If there had been tape recorders then (or at least if they had existed in Egypt), I would have recorded their conversation, and in that way scholars would today have at their disposal a unique testimony, where intellectual culture and humor had blended, perfectly naturally, to create a prodigious example of urbane polemics, without a hint of vocal monotony. Marinetti, with that raised, impudent moustache of his, resembled a soldier of olden times in the modern world, but without the beard and wig. He went back and forth, gesticulating, filling the drawing room with his presence, the way a great actor fills the stage. Cavafy, motionless, almost in a defensive posture, followed with lively interest the words of his guest. But after the first ten minutes, both of them were set on how they might go forward wondrously, lovingly into the neutral realm of tolerance.
Indeed, Marinetti, by virtue of some clarifications I had given him beforehand about the work of Cavafy—and also having read some of his poems that I had translated into Italian—suddenly made this extraordinary declaration:
—And you, Cavafy, are a Futurist.
The Greek poet, raising his eyebrows and creasing his forehead, like one disturbed by a sudden insult, remarked that what he knew about Futurism made him believe that he was precisely one of those people whom the Futurists regarded as partisans of the past.
—A passéiste poet you are, but only up to a certain point. I see that you are not impressed by the beauty of machines (of cars, for example), and that you still use verbs, commas, full stops, and you disdain the electric light. These things do not have great significance. You are passéiste as to form, but, from what I have discovered in your poems, my conclusion is that in your thinking you are a Futurist. You have universal ideas, you re-create, in a way that is perfect and enchanting, the old times in our own time, you have cut yourself loose, in short, from the rotten poetic world of 1800, from whining Romanticism, from subjects that were fit for the barrel organ. I have understood you or am I mistaken?
Cavafy shakes his head.
—My dear Marinetti, your idea is truly wonderful. However, it seems to me that I am a long way from Futurism.

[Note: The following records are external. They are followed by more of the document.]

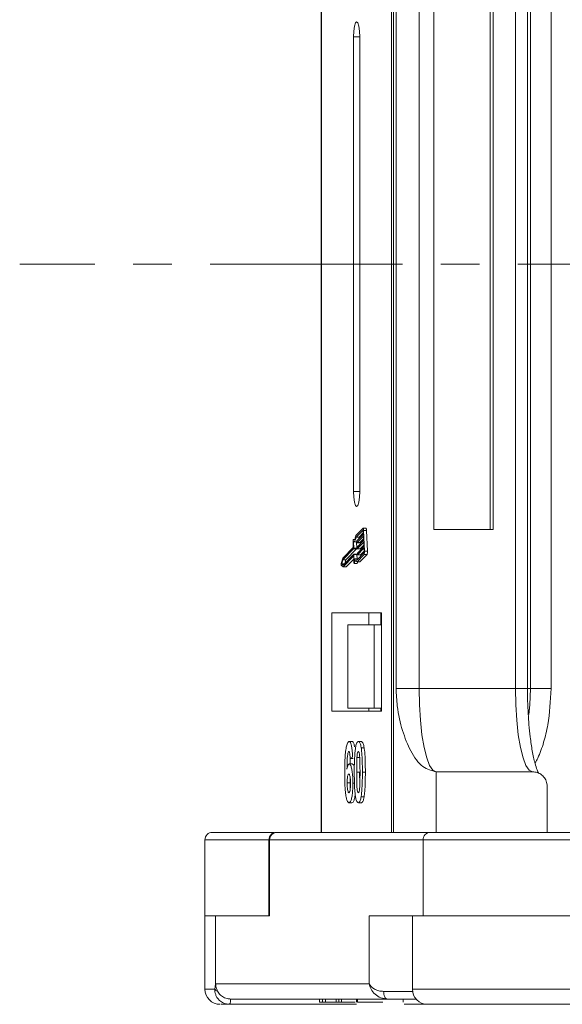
# Model space of a CAD drawing. Header units: millimetres. Extents: x 2098 to 3561, y 550 to 1583.
# Tile 3 of 84: x 2559 to 2595, y 798 to 863. Entities that reach past the tile are written whole.
import ezdxf

# ---------------------------------------------------------------- set-up
doc = ezdxf.new("R2010")
doc.units = ezdxf.units.MM
doc.linetypes.add('CENTERX2', pattern=[20.32, 12.7, -2.54, 2.54, -2.54])

msp = doc.modelspace()

# ---------------------------------------------------------------- linework, layer by layer
at = {"color": 7, "linetype": 'Continuous', "lineweight": 15}
for p, q in [((2579.248, 884.35), (2579.248, 846.85)), ((2579.29, 846.85), (2579.29, 884.35)), ((2583.907, 884.35), (2583.907, 846.85)), ((2584.036, 846.85), (2584.036, 884.35)), ((2584.205, 874.85), (2584.205, 846.85)), ((2585.725, 846.85), (2585.725, 874.85)), ((2592.088, 874.85), (2592.088, 846.85)), ((2592.883, 846.85), (2592.883, 874.85)), ((2593.089, 874.85), (2593.089, 846.85)), ((2594.436, 846.85), (2594.436, 874.85)), ((2586.704, 864.35), (2586.704, 846.85)), ((2590.415, 846.85), (2590.415, 864.35)), ((2590.619, 846.85), (2590.619, 864.35)), ((2581.394, 861.85), (2581.394, 846.85)), ((2581.394, 861.85), (2581.803, 861.85)), ((2581.803, 846.85), (2581.803, 861.85)), ((2579.248, 846.85), (2579.248, 809.35)), ((2579.29, 809.35), (2579.29, 846.85)), ((2581.394, 846.85), (2581.394, 831.85)), ((2581.803, 831.85), (2581.803, 846.85)), ((2583.907, 846.85), (2583.907, 809.35)), ((2584.036, 809.35), (2584.036, 846.85)), ((2584.205, 846.85), (2584.205, 818.85)), ((2585.725, 818.85), (2585.725, 846.85)), ((2586.704, 846.85), (2586.704, 829.35)), ((2590.415, 829.35), (2590.415, 846.85)), ((2590.619, 829.35), (2590.619, 846.85)), ((2592.088, 846.85), (2592.088, 818.85)), ((2592.883, 818.85), (2592.883, 846.85)), ((2593.089, 846.85), (2593.089, 818.85)), ((2594.436, 818.85), (2594.436, 846.85)), ((2581.803, 831.85), (2581.394, 831.85)), ((2582.015, 829.417), (2581.549, 828.936)), ((2582.02, 829.302), (2581.562, 828.828)), ((2582.025, 829.302), (2582.02, 829.302)), ((2582.219, 829.421), (2582.023, 829.421)), ((2586.704, 829.35), (2590.619, 829.35)), ((2581.461, 828.676), (2581.373, 828.676)), ((2581.375, 828.674), (2581.459, 828.674)), ((2581.757, 828.828), (2581.562, 828.828)), ((2581.619, 828.587), (2582.044, 829.027)), ((2582.049, 828.912), (2581.624, 828.472)), ((2581.757, 828.828), (2582.04, 829.121)), ((2581.819, 828.472), (2582.058, 828.718)), ((2582.044, 829.027), (2582.035, 829.257)), ((2582.062, 828.625), (2582.049, 828.912)), ((2582.118, 827.902), (2582.058, 829.281)), ((2582.058, 829.281), (2582.254, 829.281)), ((2582.313, 827.902), (2582.254, 829.281)), ((2581.38, 828.16), (2580.685, 827.442)), ((2581.403, 828.064), (2580.695, 827.332)), ((2580.891, 827.332), (2581.598, 828.064)), ((2581.361, 828.605), (2581.38, 828.16)), ((2581.388, 828.543), (2581.407, 828.099)), ((2581.598, 828.064), (2581.403, 828.064)), ((2581.603, 828.099), (2581.407, 828.099)), ((2581.417, 828.532), (2581.613, 828.532)), ((2581.603, 828.099), (2581.584, 828.532)), ((2581.616, 828.495), (2581.614, 828.552)), ((2581.622, 828.471), (2581.818, 828.471)), ((2581.819, 828.472), (2581.624, 828.472)), ((2581.634, 828.093), (2581.631, 828.15)), ((2581.636, 828.185), (2582.062, 828.625)), ((2581.64, 828.069), (2581.835, 828.069)), ((2582.067, 828.51), (2581.641, 828.07)), ((2581.837, 828.07), (2581.641, 828.07)), ((2581.653, 827.783), (2582.079, 828.223)), ((2582.084, 828.108), (2581.658, 827.668)), ((2581.837, 828.07), (2582.075, 828.316)), ((2582.079, 828.223), (2582.067, 828.51)), ((2582.094, 827.878), (2582.084, 828.108)), ((2580.685, 827.442), (2580.582, 827.091)), ((2580.71, 826.988), (2581.417, 827.719)), ((2580.71, 826.868), (2581.399, 827.58)), ((2580.906, 826.868), (2581.413, 827.392)), ((2581.401, 827.58), (2581.399, 827.58)), ((2581.406, 827.557), (2581.424, 827.141)), ((2581.614, 827.72), (2581.419, 827.72)), ((2581.425, 827.696), (2581.444, 827.252)), ((2581.62, 827.696), (2581.425, 827.696)), ((2581.694, 827.404), (2581.552, 827.404)), ((2581.633, 827.404), (2581.62, 827.696)), ((2581.624, 827.212), (2582.09, 827.693)), ((2581.626, 827.334), (2582.085, 827.808)), ((2581.651, 827.69), (2581.649, 827.748)), ((2581.657, 827.667), (2581.853, 827.667)), ((2581.854, 827.668), (2581.658, 827.668)), ((2581.82, 827.212), (2582.286, 827.693)), ((2581.854, 827.668), (2582.093, 827.914)), ((2582.09, 827.693), (2582.286, 827.693)), ((2582.313, 827.902), (2582.118, 827.902)), ((2580.587, 826.986), (2580.71, 826.868)), ((2580.695, 827.332), (2580.619, 827.074)), ((2580.619, 827.074), (2580.71, 826.988)), ((2580.794, 827.074), (2580.619, 827.074)), ((2580.891, 827.332), (2580.695, 827.332)), ((2580.906, 826.868), (2580.71, 826.868)), ((2580.824, 827.106), (2580.891, 827.332)), ((2581.436, 827.095), (2581.632, 827.095)), ((2581.639, 827.107), (2581.443, 827.107)), ((2581.82, 827.212), (2581.624, 827.212)), ((2583.234, 823.85), (2579.962, 823.85)), ((2579.962, 823.85), (2579.962, 817.35)), ((2582.41, 823.85), (2582.41, 823.05)), ((2583.191, 823.85), (2583.191, 823.05)), ((2583.234, 817.35), (2583.234, 823.85)), ((2581.023, 823.05), (2581.023, 817.55)), ((2581.023, 823.05), (2582.761, 823.05)), ((2582.761, 817.55), (2582.761, 823.05)), ((2582.761, 823.05), (2583.234, 823.05)), ((2584.205, 818.85), (2585.725, 818.85)), ((2585.725, 818.85), (2592.088, 818.85)), ((2592.088, 818.85), (2592.883, 818.85)), ((2592.883, 818.85), (2593.089, 818.85)), ((2593.089, 818.85), (2594.436, 818.85)), ((2579.962, 817.35), (2583.234, 817.35)), ((2581.023, 817.55), (2582.761, 817.55)), ((2582.41, 817.55), (2582.41, 817.35)), ((2583.234, 817.55), (2582.761, 817.55)), ((2583.191, 817.35), (2583.191, 817.55)), ((2581.105, 815.35), (2581.3, 815.35)), ((2581.712, 815.35), (2581.908, 815.35)), ((2581.899, 814.939), (2582.095, 814.939)), ((2581.108, 813.863), (2581.304, 813.863)), ((2581.329, 814.306), (2581.172, 814.222)), ((2581.172, 814.222), (2581.368, 814.222)), ((2581.815, 814.291), (2581.619, 814.291)), ((2581.602, 813.323), (2581.798, 813.323)), ((2581.979, 813.323), (2582.175, 813.323)), ((2586.85, 813.35), (2586.85, 809.35)), ((2586.85, 813.35), (2593.212, 813.35)), ((2580.973, 812.621), (2581.168, 812.621)), ((2581.35, 812.604), (2581.46, 812.604)), ((2594.191, 809.35), (2594.191, 812.35)), ((2581.093, 811.299), (2581.289, 811.299)), ((2581.712, 811.299), (2581.908, 811.299)), ((2581.898, 811.705), (2582.094, 811.705)), ((2586.478, 809.35), (2576.341, 809.35)), ((2586.478, 809.35), (2586.85, 809.35)), ((2571.58, 808.85), (2571.58, 803.85)), ((2571.58, 808.85), (2575.809, 808.85)), ((2575.809, 808.85), (2575.809, 803.85)), ((2575.809, 808.85), (2575.852, 808.85)), ((2575.852, 808.85), (2585.989, 808.85)), ((2575.852, 803.85), (2575.852, 808.85)), ((2585.989, 808.85), (2585.989, 803.85)), ((2585.989, 808.85), (2610.44, 808.85)), ((2571.58, 803.85), (2571.58, 799)), ((2571.58, 803.85), (2572.287, 803.85)), ((2572.287, 799.35), (2572.287, 803.85)), ((2572.287, 803.85), (2575.852, 803.85)), ((2582.425, 803.85), (2582.425, 799.35)), ((2585.989, 803.85), (2582.425, 803.85)), ((2585.281, 803.85), (2585.281, 799)), ((2585.989, 803.85), (2597.653, 803.85)), ((2571.58, 799), (2572.24, 799)), ((2572.24, 799), (2572.287, 799.35)), ((2582.425, 799.35), (2572.287, 799.35)), ((2583.382, 798.85), (2585.292, 798.85)), ((2585.281, 799), (2597.472, 799)), ((2573.266, 798.35), (2583.632, 798.35)), ((2573.268, 798.35), (2579.142, 798.35)), ((2579.142, 798.35), (2579.142, 798.15)), ((2579.142, 798.15), (2579.339, 798.15)), ((2579.339, 798.35), (2579.339, 798.15)), ((2579.339, 798.15), (2579.548, 798.15)), ((2579.548, 798.35), (2579.548, 798.15)), ((2579.548, 798.15), (2580.243, 798.15)), ((2580.243, 798.35), (2580.243, 798.15)), ((2580.243, 798.15), (2580.413, 798.15)), ((2580.413, 798.35), (2580.413, 798.15)), ((2580.413, 798.15), (2580.61, 798.15)), ((2580.61, 798.35), (2580.61, 798.15)), ((2580.61, 798.15), (2581.497, 798.15)), ((2581.593, 798.35), (2581.593, 798.15)), ((2581.66, 798.35), (2581.66, 798.15)), ((2583.68, 798.35), (2583.594, 798.359)), ((2584.663, 798.35), (2584.663, 798.15)), ((2573.197, 798), (2573.194, 798)), ((2581.596, 798), (2573.197, 798)), ((2586.113, 798), (2584.728, 798))]:
    msp.add_line(p, q, dxfattribs=at)
at = {"color": 1, "linetype": 'CENTERX2', "lineweight": 13}
msp.add_line((3397.429, 846.85), (2559.346, 846.85), dxfattribs=at)
at = {"color": 7, "linetype": 'Continuous', "lineweight": 15, "flags": 128}
for points in [[(2581.803, 861.85), (2581.787, 862.233), (2581.743, 862.557), (2581.677, 862.774), (2581.598, 862.85), (2581.52, 862.774), (2581.454, 862.557), (2581.409, 862.233), (2581.394, 861.85)], [(2581.394, 831.85), (2581.409, 831.468), (2581.454, 831.143), (2581.52, 830.926), (2581.598, 830.85), (2581.677, 830.926), (2581.743, 831.143), (2581.787, 831.468), (2581.803, 831.85)], [(2582.015, 829.417), (2582.022, 829.421), (2582.029, 829.418), (2582.036, 829.408), (2582.042, 829.392), (2582.048, 829.371), (2582.052, 829.344), (2582.056, 829.314), (2582.058, 829.281)], [(2582.035, 829.257), (2582.034, 829.268), (2582.033, 829.278), (2582.031, 829.287), (2582.029, 829.294), (2582.027, 829.299), (2582.025, 829.302), (2582.023, 829.303), (2582.02, 829.302)], [(2582.254, 829.281), (2582.252, 829.314), (2582.248, 829.344), (2582.244, 829.371), (2582.238, 829.392), (2582.232, 829.408), (2582.225, 829.418), (2582.219, 829.421)], [(2581.361, 828.605), (2581.361, 828.62), (2581.361, 828.634), (2581.362, 828.648), (2581.364, 828.659), (2581.367, 828.668), (2581.369, 828.674), (2581.372, 828.676), (2581.375, 828.674)], [(2581.375, 828.674), (2581.399, 828.654), (2581.423, 828.65), (2581.446, 828.661), (2581.47, 828.688), (2581.492, 828.73), (2581.513, 828.786), (2581.532, 828.855), (2581.549, 828.936)], [(2581.562, 828.828), (2581.544, 828.75), (2581.525, 828.683), (2581.504, 828.627), (2581.482, 828.584), (2581.459, 828.553), (2581.435, 828.536), (2581.412, 828.533), (2581.388, 828.543)], [(2581.725, 828.697), (2581.74, 828.75), (2581.757, 828.828)], [(2581.624, 828.472), (2581.622, 828.471), (2581.621, 828.472), (2581.62, 828.474), (2581.619, 828.476), (2581.618, 828.48), (2581.617, 828.484), (2581.617, 828.489), (2581.616, 828.495)], [(2581.641, 828.07), (2581.64, 828.069), (2581.639, 828.07), (2581.637, 828.071), (2581.636, 828.074), (2581.635, 828.078), (2581.635, 828.082), (2581.634, 828.087), (2581.634, 828.093)], [(2581.818, 828.471), (2581.818, 828.471), (2581.819, 828.472)], [(2581.835, 828.069), (2581.836, 828.069), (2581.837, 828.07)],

Then Marinetti grows exasperated and, raising his voice, seeks, by every means, to make his difficult interlocutor acknowledge that “whoever precedes his time in art or in life is a Futurist.” And he mentions Michelangelo, Leonardo, Wagner. He concludes that there is an intellectual Futurism, which is worth as much as a militant Futurism.
Still, many other interesting things were said on that unforgettable afternoon. But, etched in the mind of Cavafy, there remained the manifest effort that Marinetti had made to win him over, on his first and last visit to the company on Lepsius Street.
Later, Cavafy, a little ironically—even though truly convinced of the value of his eccentric guest—said to me: “A strange man, dear Marinetti, strange and very clever. He claims that Futurism, in the final analysis, existed already in the time of Michelangelo and Leonardo, because Futurism is a revolt against tradition, against rules and against prevailing customs. But then why would I be a Futurist and he not be a passéiste? Michelangelo and Leonardo, if I am not mistaken, belong to the past!”
Marinetti retained a very agreeable memory of his meeting with the Greek poet. A few months after his return to Italy, he published a volume with the title Il fascino dell’Egitto [The Charm of Egypt]. One of its chapters is devoted to Cavafy, a chapter where, very generously, he mentions me as well as one of Cavafy’s most significant poems, which I had translated for purposes of instruction.